The present invention relates to a resource management device in a data processing system in which a plurality of masters access a shared resource.
In recent years, a small chip area, low power consumption, and capability of effective processing have become critical in a system LSI in which a plurality of masters, such as processors, DSPs (Digital Signal Processors), DMA (Direct Memory Access) controllers, etc., are connected to a resource, such as a memory, an input/output device, etc., by way of a plurality of buses. To that end, it is important to share the resource and realize effective access control.
In access control for enabling the resource sharing, the right to use the resource needs to be arbitrated in order to prevent a collision of access requests transmitted from the masters. Since the access conditions vary from master to master, the arbitration operation has to be performed flexibly so as to correspond to the access conditions of each master. Conventional access management devices which perform flexible arbitration are as follows.

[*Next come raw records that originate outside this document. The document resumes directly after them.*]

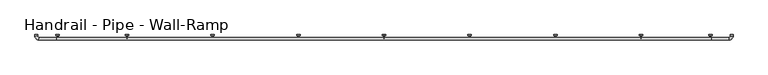
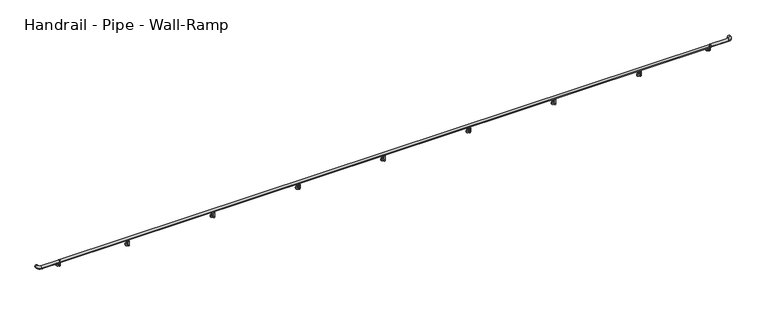
"""IFC4 building model written with IfcOpenShell, lengths in millimetres: railing geometry, Handrail - Pipe - Wall-Ramp."""

from ifc_helpers import new_model, si_unit, point, frame, frame_2d, origin, place, context, project, spatial, circle_curve, ellipse_curve, trimmed, segment, composite_curve, outline, extrude, source, transform, mapped, element, save
from ifc_brep_helpers import plane_surface, cylinder_surface, revolved_surface, advanced_brep


def handrail_pipe_wall_ramp_020da921(model_context):
    return source(origin(), model_context, "Body", "SolidModel", [
        extrude(outline(composite_curve([segment(trimmed(circle_curve(frame_2d((5007.0738685, 895.35)), 19.05), [point((4988.0238685, 895.35))], [point((5026.1238685, 895.35))], False, "CARTESIAN"), True, "CONTINUOUS"), segment(trimmed(circle_curve(frame_2d((5007.0738685, 895.35)), 19.05), [point((5026.1238685, 895.35))], [point((4988.0238685, 895.35))], False, "CARTESIAN"), True, "CONTINUOUS")], self_intersect=False)), frame((-2498.891568, 0.0, 0.0), z_axis=(1.0, 0.0, 0.0), x_axis=(0.0, 1.0, 0.0)), (0.0, 0.0, 1.0), 9315.45),
        advanced_brep(
        [(-1492.416568, 5007.0738685, 857.25), (-1505.116568, 5007.0738685, 857.25), (-1492.416568, 5007.0738685, 800.1), (-1505.116568, 5007.0738685, 800.1), (-1505.116568, 5026.1238685, 781.05), (-1492.416568, 5026.1238685, 781.05), (-1492.416568, 5054.6988685, 781.05), (-1505.116568, 5054.6988685, 781.05)],
        [
            (0, 1, circle_curve(frame((-1498.766568, 5007.0738685, 857.25), z_axis=(0.0, 0.0, 1.0), x_axis=(-1.0, 0.0, 0.0)), 6.35)),
            (1, 0, circle_curve(frame((-1498.766568, 5007.0738685, 857.25), z_axis=(0.0, 0.0, 1.0), x_axis=(-1.0, 0.0, 0.0)), 6.35)),
            (0, 2),
            (2, 3, circle_curve(frame((-1498.766568, 5007.0738685, 800.1), z_axis=(0.0, 0.0, 1.0), x_axis=(-1.0, 0.0, 0.0)), 6.35)),
            (3, 1),
            (3, 2, circle_curve(frame((-1498.766568, 5007.0738685, 800.1), z_axis=(0.0, 0.0, 1.0), x_axis=(-1.0, 0.0, 0.0)), 6.35)),
            (4, 3, circle_curve(frame((-1505.116568, 5026.1238685, 800.1), z_axis=(-1.0, 0.0, 0.0), x_axis=(0.0, -1.0, 0.0)), 19.05)),
            (2, 5, circle_curve(frame((-1492.416568, 5026.1238685, 800.1), z_axis=(1.0, 0.0, 0.0), x_axis=(0.0, -1.0, 0.0)), 19.05)),
            (5, 4, circle_curve(frame((-1498.766568, 5026.1238685, 781.05), z_axis=(0.0, -1.0, 0.0), x_axis=(-1.0, 0.0, 0.0)), 6.35)),
            (4, 5, circle_curve(frame((-1498.766568, 5026.1238685, 781.05), z_axis=(0.0, -1.0, 0.0), x_axis=(-1.0, 0.0, 0.0)), 6.35)),
            (6, 7, circle_curve(frame((-1498.766568, 5054.6988685, 781.05), z_axis=(0.0, 1.0, 0.0), x_axis=(-1.0, 0.0, 0.0)), 6.35)),
            (7, 6, circle_curve(frame((-1498.766568, 5054.6988685, 781.05), z_axis=(0.0, 1.0, 0.0), x_axis=(-1.0, 0.0, 0.0)), 6.35)),
            (5, 6),
            (7, 4),
        ],
        [
            plane_surface(frame((-1505.116568, 5007.0738685, 857.25), z_axis=(0.0, 0.0, 1.0), x_axis=(0.0, 1.0, 0.0))),
            cylinder_surface(frame((-1498.766568, 5007.0738685, 857.25), z_axis=(0.0, 0.0, 1.0), x_axis=(-1.0, 0.0, 0.0)), 6.35),
            revolved_surface(trimmed(ellipse_curve(frame((-1498.766568, 5007.0738685, 800.1), z_axis=(0.0, 0.0, 1.0), x_axis=(-1.0, 0.0, 0.0)), 6.35, 6.35), [point((-1492.416568, 5007.0738685, 800.1))], [point((-1505.116568, 5007.0738685, 800.1))], True, "CARTESIAN"), (-1498.766568, 5026.1238685, 800.1), (1.0, 0.0, 0.0)),
            revolved_surface(trimmed(ellipse_curve(frame((-1498.766568, 5007.0738685, 800.1), z_axis=(0.0, 0.0, 1.0), x_axis=(-1.0, 0.0, 0.0)), 6.35, 6.35), [point((-1505.116568, 5007.0738685, 800.1))], [point((-1492.416568, 5007.0738685, 800.1))], True, "CARTESIAN"), (-1498.766568, 5026.1238685, 800.1), (1.0, 0.0, 0.0)),
            plane_surface(frame((-1498.766568, 5054.6988685, 774.7), z_axis=(0.0, 1.0, 0.0), x_axis=(-1.0, 0.0, 0.0))),
            cylinder_surface(frame((-1498.766568, 5026.1238685, 781.05), z_axis=(0.0, -1.0, 0.0), x_axis=(-1.0, 0.0, 0.0)), 6.35),
        ],
        [
            (0, [[1, 2]]),
            (1, [[-1, 3, 4, 5]]),
            (1, [[-2, -5, 6, -3]]),
            (2, [[7, -4, 8, 9]]),
            (3, [[-8, -6, -7, 10]]),
            (4, [[11, 12]]),
            (5, [[-9, 13, -12, 14]]),
            (5, [[-10, -14, -11, -13]]),
        ],
    ),
        extrude(outline(composite_curve([segment(trimmed(circle_curve(frame_2d((781.05, -1498.766568)), 25.4), [point((781.05, -1524.166568))], [point((781.05, -1473.366568))], False, "CARTESIAN"), True, "CONTINUOUS"), segment(trimmed(circle_curve(frame_2d((781.05, -1498.766568)), 25.4), [point((781.05, -1473.366568))], [point((781.05, -1524.166568))], False, "CARTESIAN"), True, "CONTINUOUS")], self_intersect=False)), frame((0.0, 5054.6988685, 0.0), z_axis=(0.0, 1.0, 0.0), x_axis=(0.0, 0.0, 1.0)), (0.0, 0.0, 1.0), 9.525),
        advanced_brep(
        [(-273.216568, 5007.0738685, 857.25), (-285.916568, 5007.0738685, 857.25), (-273.216568, 5007.0738685, 800.1), (-285.916568, 5007.0738685, 800.1), (-285.916568, 5026.1238685, 781.05), (-273.216568, 5026.1238685, 781.05), (-273.216568, 5054.6988685, 781.05), (-285.916568, 5054.6988685, 781.05)],
        [
            (0, 1, circle_curve(frame((-279.566568, 5007.0738685, 857.25), z_axis=(0.0, 0.0, 1.0), x_axis=(-1.0, 0.0, 0.0)), 6.35)),
            (1, 0, circle_curve(frame((-279.566568, 5007.0738685, 857.25), z_axis=(0.0, 0.0, 1.0), x_axis=(-1.0, 0.0, 0.0)), 6.35)),
            (0, 2),
            (2, 3, circle_curve(frame((-279.566568, 5007.0738685, 800.1), z_axis=(0.0, 0.0, 1.0), x_axis=(-1.0, 0.0, 0.0)), 6.35)),
            (3, 1),
            (3, 2, circle_curve(frame((-279.566568, 5007.0738685, 800.1), z_axis=(0.0, 0.0, 1.0), x_axis=(-1.0, 0.0, 0.0)), 6.35)),
            (4, 3, circle_curve(frame((-285.916568, 5026.1238685, 800.1), z_axis=(-1.0, 0.0, 0.0), x_axis=(0.0, -1.0, 0.0)), 19.05)),
            (2, 5, circle_curve(frame((-273.216568, 5026.1238685, 800.1), z_axis=(1.0, 0.0, 0.0), x_axis=(0.0, -1.0, 0.0)), 19.05)),
            (5, 4, circle_curve(frame((-279.566568, 5026.1238685, 781.05), z_axis=(0.0, -1.0, 0.0), x_axis=(-1.0, 0.0, 0.0)), 6.35)),
            (4, 5, circle_curve(frame((-279.566568, 5026.1238685, 781.05), z_axis=(0.0, -1.0, 0.0), x_axis=(-1.0, 0.0, 0.0)), 6.35)),
            (6, 7, circle_curve(frame((-279.566568, 5054.6988685, 781.05), z_axis=(0.0, 1.0, 0.0), x_axis=(-1.0, 0.0, 0.0)), 6.35)),
            (7, 6, circle_curve(frame((-279.566568, 5054.6988685, 781.05), z_axis=(0.0, 1.0, 0.0), x_axis=(-1.0, 0.0, 0.0)), 6.35)),
            (5, 6),
            (7, 4),
        ],
        [
            plane_surface(frame((-285.916568, 5007.0738685, 857.25), z_axis=(0.0, 0.0, 1.0), x_axis=(0.0, 1.0, 0.0))),
            cylinder_surface(frame((-279.566568, 5007.0738685, 857.25), z_axis=(0.0, 0.0, 1.0), x_axis=(-1.0, 0.0, 0.0)), 6.35),
            revolved_surface(trimmed(ellipse_curve(frame((-279.566568, 5007.0738685, 800.1), z_axis=(0.0, 0.0, 1.0), x_axis=(-1.0, 0.0, 0.0)), 6.35, 6.35), [point((-273.216568, 5007.0738685, 800.1))], [point((-285.916568, 5007.0738685, 800.1))], True, "CARTESIAN"), (-279.566568, 5026.1238685, 800.1), (1.0, 0.0, 0.0)),
            revolved_surface(trimmed(ellipse_curve(frame((-279.566568, 5007.0738685, 800.1), z_axis=(0.0, 0.0, 1.0), x_axis=(-1.0, 0.0, 0.0)), 6.35, 6.35), [point((-285.916568, 5007.0738685, 800.1))], [point((-273.216568, 5007.0738685, 800.1))], True, "CARTESIAN"), (-279.566568, 5026.1238685, 800.1), (1.0, 0.0, 0.0)),
            plane_surface(frame((-279.566568, 5054.6988685, 774.7), z_axis=(0.0, 1.0, 0.0), x_axis=(-1.0, 0.0, 0.0))),
            cylinder_surface(frame((-279.566568, 5026.1238685, 781.05), z_axis=(0.0, -1.0, 0.0), x_axis=(-1.0, 0.0, 0.0)), 6.35),
        ],
        [
            (0, [[1, 2]]),
            (1, [[-1, 3, 4, 5]]),
            (1, [[-2, -5, 6, -3]]),
            (2, [[7, -4, 8, 9]]),
            (3, [[-8, -6, -7, 10]]),
            (4, [[11, 12]]),
            (5, [[-9, 13, -12, 14]]),
            (5, [[-10, -14, -11, -13]]),
        ],
    ),
        extrude(outline(composite_curve([segment(trimmed(circle_curve(frame_2d((781.05, -279.566568)), 25.4), [point((781.05, -304.966568))], [point((781.05, -254.166568))], False, "CARTESIAN"), True, "CONTINUOUS"), segment(trimmed(circle_curve(frame_2d((781.05, -279.566568)), 25.4), [point((781.05, -254.166568))], [point((781.05, -304.966568))], False, "CARTESIAN"), True, "CONTINUOUS")], self_intersect=False)), frame((0.0, 5054.6988685, 0.0), z_axis=(0.0, 1.0, 0.0), x_axis=(0.0, 0.0, 1.0)), (0.0, 0.0, 1.0), 9.525),
        advanced_brep(
        [(945.983432, 5007.0738685, 857.25), (933.283432, 5007.0738685, 857.25), (945.983432, 5007.0738685, 800.1), (933.283432, 5007.0738685, 800.1), (933.283432, 5026.1238685, 781.05), (945.983432, 5026.1238685, 781.05), (945.983432, 5054.6988685, 781.05), (933.283432, 5054.6988685, 781.05)],
        [
            (0, 1, circle_curve(frame((939.633432, 5007.0738685, 857.25), z_axis=(0.0, 0.0, 1.0), x_axis=(-1.0, 0.0, 0.0)), 6.35)),
            (1, 0, circle_curve(frame((939.633432, 5007.0738685, 857.25), z_axis=(0.0, 0.0, 1.0), x_axis=(-1.0, 0.0, 0.0)), 6.35)),
            (0, 2),
            (2, 3, circle_curve(frame((939.633432, 5007.0738685, 800.1), z_axis=(0.0, 0.0, 1.0), x_axis=(-1.0, 0.0, 0.0)), 6.35)),
            (3, 1),
            (3, 2, circle_curve(frame((939.633432, 5007.0738685, 800.1), z_axis=(0.0, 0.0, 1.0), x_axis=(-1.0, 0.0, 0.0)), 6.35)),
            (4, 3, circle_curve(frame((933.283432, 5026.1238685, 800.1), z_axis=(-1.0, 0.0, 0.0), x_axis=(0.0, -1.0, 0.0)), 19.05)),
            (2, 5, circle_curve(frame((945.983432, 5026.1238685, 800.1), z_axis=(1.0, 0.0, 0.0), x_axis=(0.0, -1.0, 0.0)), 19.05)),
            (5, 4, circle_curve(frame((939.633432, 5026.1238685, 781.05), z_axis=(0.0, -1.0, 0.0), x_axis=(-1.0, 0.0, 0.0)), 6.35)),
            (4, 5, circle_curve(frame((939.633432, 5026.1238685, 781.05), z_axis=(0.0, -1.0, 0.0), x_axis=(-1.0, 0.0, 0.0)), 6.35)),
            (6, 7, circle_curve(frame((939.633432, 5054.6988685, 781.05), z_axis=(0.0, 1.0, 0.0), x_axis=(-1.0, 0.0, 0.0)), 6.35)),
            (7, 6, circle_curve(frame((939.633432, 5054.6988685, 781.05), z_axis=(0.0, 1.0, 0.0), x_axis=(-1.0, 0.0, 0.0)), 6.35)),
            (5, 6),
            (7, 4),
        ],
        [
            plane_surface(frame((933.283432, 5007.0738685, 857.25), z_axis=(0.0, 0.0, 1.0), x_axis=(0.0, 1.0, 0.0))),
            cylinder_surface(frame((939.633432, 5007.0738685, 857.25), z_axis=(0.0, 0.0, 1.0), x_axis=(-1.0, 0.0, 0.0)), 6.35),
            revolved_surface(trimmed(ellipse_curve(frame((939.633432, 5007.0738685, 800.1), z_axis=(0.0, 0.0, 1.0), x_axis=(-1.0, 0.0, 0.0)), 6.35, 6.35), [point((945.983432, 5007.0738685, 800.1))], [point((933.283432, 5007.0738685, 800.1))], True, "CARTESIAN"), (939.633432, 5026.1238685, 800.1), (1.0, 0.0, 0.0)),
            revolved_surface(trimmed(ellipse_curve(frame((939.633432, 5007.0738685, 800.1), z_axis=(0.0, 0.0, 1.0), x_axis=(-1.0, 0.0, 0.0)), 6.35, 6.35), [point((933.283432, 5007.0738685, 800.1))], [point((945.983432, 5007.0738685, 800.1))], True, "CARTESIAN"), (939.633432, 5026.1238685, 800.1), (1.0, 0.0, 0.0)),
            plane_surface(frame((939.633432, 5054.6988685, 774.7), z_axis=(0.0, 1.0, 0.0), x_axis=(-1.0, 0.0, 0.0))),
            cylinder_surface(frame((939.633432, 5026.1238685, 781.05), z_axis=(0.0, -1.0, 0.0), x_axis=(-1.0, 0.0, 0.0)), 6.35),
        ],
        [
            (0, [[1, 2]]),
            (1, [[-1, 3, 4, 5]]),
            (1, [[-2, -5, 6, -3]]),
            (2, [[7, -4, 8, 9]]),
            (3, [[-8, -6, -7, 10]]),
            (4, [[11, 12]]),
            (5, [[-9, 13, -12, 14]]),
            (5, [[-10, -14, -11, -13]]),
        ],
    ),
        extrude(outline(composite_curve([segment(trimmed(circle_curve(frame_2d((781.05, 939.633432)), 25.4), [point((781.05, 914.233432))], [point((781.05, 965.033432))], False, "CARTESIAN"), True, "CONTINUOUS"), segment(trimmed(circle_curve(frame_2d((781.05, 939.633432)), 25.4), [point((781.05, 965.033432))], [point((781.05, 914.233432))], False, "CARTESIAN"), True, "CONTINUOUS")], self_intersect=False)), frame((0.0, 5054.6988685, 0.0), z_axis=(0.0, 1.0, 0.0), x_axis=(0.0, 0.0, 1.0)), (0.0, 0.0, 1.0), 9.525),
        advanced_brep(
        [(2165.183432, 5007.0738685, 857.25), (2152.483432, 5007.0738685, 857.25), (2165.183432, 5007.0738685, 800.1), (2152.483432, 5007.0738685, 800.1), (2152.483432, 5026.1238685, 781.05), (2165.183432, 5026.1238685, 781.05), (2165.183432, 5054.6988685, 781.05), (2152.483432, 5054.6988685, 781.05)],
        [
            (0, 1, circle_curve(frame((2158.833432, 5007.0738685, 857.25), z_axis=(0.0, 0.0, 1.0), x_axis=(-1.0, 0.0, 0.0)), 6.35)),
            (1, 0, circle_curve(frame((2158.833432, 5007.0738685, 857.25), z_axis=(0.0, 0.0, 1.0), x_axis=(-1.0, 0.0, 0.0)), 6.35)),
            (0, 2),
            (2, 3, circle_curve(frame((2158.833432, 5007.0738685, 800.1), z_axis=(0.0, 0.0, 1.0), x_axis=(-1.0, 0.0, 0.0)), 6.35)),
            (3, 1),
            (3, 2, circle_curve(frame((2158.833432, 5007.0738685, 800.1), z_axis=(0.0, 0.0, 1.0), x_axis=(-1.0, 0.0, 0.0)), 6.35)),
            (4, 3, circle_curve(frame((2152.483432, 5026.1238685, 800.1), z_axis=(-1.0, 0.0, 0.0), x_axis=(0.0, -1.0, 0.0)), 19.05)),
            (2, 5, circle_curve(frame((2165.183432, 5026.1238685, 800.1), z_axis=(1.0, 0.0, 0.0), x_axis=(0.0, -1.0, 0.0)), 19.05)),
            (5, 4, circle_curve(frame((2158.833432, 5026.1238685, 781.05), z_axis=(0.0, -1.0, 0.0), x_axis=(-1.0, 0.0, 0.0)), 6.35)),
            (4, 5, circle_curve(frame((2158.833432, 5026.1238685, 781.05), z_axis=(0.0, -1.0, 0.0), x_axis=(-1.0, 0.0, 0.0)), 6.35)),
            (6, 7, circle_curve(frame((2158.833432, 5054.6988685, 781.05), z_axis=(0.0, 1.0, 0.0), x_axis=(-1.0, 0.0, 0.0)), 6.35)),
            (7, 6, circle_curve(frame((2158.833432, 5054.6988685, 781.05), z_axis=(0.0, 1.0, 0.0), x_axis=(-1.0, 0.0, 0.0)), 6.35)),
            (5, 6),
            (7, 4),
        ],
        [
            plane_surface(frame((2152.483432, 5007.0738685, 857.25), z_axis=(0.0, 0.0, 1.0), x_axis=(0.0, 1.0, 0.0))),
            cylinder_surface(frame((2158.833432, 5007.0738685, 857.25), z_axis=(0.0, 0.0, 1.0), x_axis=(-1.0, 0.0, 0.0)), 6.35),
            revolved_surface(trimmed(ellipse_curve(frame((2158.833432, 5007.0738685, 800.1), z_axis=(0.0, 0.0, 1.0), x_axis=(-1.0, 0.0, 0.0)), 6.35, 6.35), [point((2165.183432, 5007.0738685, 800.1))], [point((2152.483432, 5007.0738685, 800.1))], True, "CARTESIAN"), (2158.833432, 5026.1238685, 800.1), (1.0, 0.0, 0.0)),
            revolved_surface(trimmed(ellipse_curve(frame((2158.833432, 5007.0738685, 800.1), z_axis=(0.0, 0.0, 1.0), x_axis=(-1.0, 0.0, 0.0)), 6.35, 6.35), [point((2152.483432, 5007.0738685, 800.1))], [point((2165.183432, 5007.0738685, 800.1))], True, "CARTESIAN"), (2158.833432, 5026.1238685, 800.1), (1.0, 0.0, 0.0)),
            plane_surface(frame((2158.833432, 5054.6988685, 774.7), z_axis=(0.0, 1.0, 0.0), x_axis=(-1.0, 0.0, 0.0))),
            cylinder_surface(frame((2158.833432, 5026.1238685, 781.05), z_axis=(0.0, -1.0, 0.0), x_axis=(-1.0, 0.0, 0.0)), 6.35),
        ],
        [
            (0, [[1, 2]]),
            (1, [[-1, 3, 4, 5]]),
            (1, [[-2, -5, 6, -3]]),
            (2, [[7, -4, 8, 9]]),
            (3, [[-8, -6, -7, 10]]),
            (4, [[11, 12]]),
            (5, [[-9, 13, -12, 14]]),
            (5, [[-10, -14, -11, -13]]),
        ],
    ),
        extrude(outline(composite_curve([segment(trimmed(circle_curve(frame_2d((781.05, 2158.833432)), 25.4), [point((781.05, 2133.433432))], [point((781.05, 2184.233432))], False, "CARTESIAN"), True, "CONTINUOUS"), segment(trimmed(circle_curve(frame_2d((781.05, 2158.833432)), 25.4), [point((781.05, 2184.233432))], [point((781.05, 2133.433432))], False, "CARTESIAN"), True, "CONTINUOUS")], self_intersect=False)), frame((0.0, 5054.6988685, 0.0), z_axis=(0.0, 1.0, 0.0), x_axis=(0.0, 0.0, 1.0)), (0.0, 0.0, 1.0), 9.525),
        advanced_brep(
        [(3384.383432, 5007.0738685, 857.25), (3371.683432, 5007.0738685, 857.25), (3384.383432, 5007.0738685, 800.1), (3371.683432, 5007.0738685, 800.1), (3371.683432, 5026.1238685, 781.05), (3384.383432, 5026.1238685, 781.05), (3384.383432, 5054.6988685, 781.05), (3371.683432, 5054.6988685, 781.05)],
        [
            (0, 1, circle_curve(frame((3378.033432, 5007.0738685, 857.25), z_axis=(0.0, 0.0, 1.0), x_axis=(-1.0, 0.0, 0.0)), 6.35)),
            (1, 0, circle_curve(frame((3378.033432, 5007.0738685, 857.25), z_axis=(0.0, 0.0, 1.0), x_axis=(-1.0, 0.0, 0.0)), 6.35)),
            (0, 2),
            (2, 3, circle_curve(frame((3378.033432, 5007.0738685, 800.1), z_axis=(0.0, 0.0, 1.0), x_axis=(-1.0, 0.0, 0.0)), 6.35)),
            (3, 1),
            (3, 2, circle_curve(frame((3378.033432, 5007.0738685, 800.1), z_axis=(0.0, 0.0, 1.0), x_axis=(-1.0, 0.0, 0.0)), 6.35)),
            (4, 3, circle_curve(frame((3371.683432, 5026.1238685, 800.1), z_axis=(-1.0, 0.0, 0.0), x_axis=(0.0, -1.0, 0.0)), 19.05)),
            (2, 5, circle_curve(frame((3384.383432, 5026.1238685, 800.1), z_axis=(1.0, 0.0, 0.0), x_axis=(0.0, -1.0, 0.0)), 19.05)),
            (5, 4, circle_curve(frame((3378.033432, 5026.1238685, 781.05), z_axis=(0.0, -1.0, 0.0), x_axis=(-1.0, 0.0, 0.0)), 6.35)),
            (4, 5, circle_curve(frame((3378.033432, 5026.1238685, 781.05), z_axis=(0.0, -1.0, 0.0), x_axis=(-1.0, 0.0, 0.0)), 6.35)),
            (6, 7, circle_curve(frame((3378.033432, 5054.6988685, 781.05), z_axis=(0.0, 1.0, 0.0), x_axis=(-1.0, 0.0, 0.0)), 6.35)),
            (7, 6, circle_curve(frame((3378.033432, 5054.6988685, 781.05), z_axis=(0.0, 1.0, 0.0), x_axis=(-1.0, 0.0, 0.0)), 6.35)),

A first conventional technique is a bus arbitration system for arbitrating accesses from a plurality of input/output devices to a single bus. In this system, a device having the highest priority is switched at a certain time interval, and when the highest priority device does not use the bus or for a period of time in which no highest priority device is specified, the arbitration operation is performed based on a fairly-allocated round-robin scheme or the like (see U.S. Pat. No. 5,533,205).
According to a second conventional technique, an access bandwidth is guaranteed in accesses from a plurality of masters to a shared resource by pre-allocating the access from each master (see U.S. Pat. No. 5,948,089).
A third conventional technique is a bus arbitration system for controlling accesses from a plurality of masters to a single bus. In this system, priority order is changed at every bus cycle, which is the unit cycle of bus operation, so that the right to use the bus only for the next single bus cycle unit is given (see U.S. Pat. No. 6,070,205).
In the first conventional technique, it is possible to set a time at which each device is assigned the highest priority for using the bus. However, in a case where a bus cycle in which the bus is used requires a plurality of clocks, the access, once it has started, does not stop even if the device having the highest priority is switched to another device, which inhibits access from the device that should be arbitrated with the highest priority.
In the second conventional technique, it is possible to allocate the bus for a suitable period of time in accordance with accesses made from the masters. Nevertheless, when an access request sent from each master is unpredictable, the allocation of the right to use the shared resource to each maser cannot be performed properly.
In the third conventional technique, it is possible to assign weights to the allocation of the bus-use right to the masters. However, when bus cycles with different transfer sizes are present together or when access time to the resource changes depending upon circumstances, a transfer size within a given time period and hence an access bandwidth cannot be guaranteed for each master, because each bus cycle has a different number of clocks.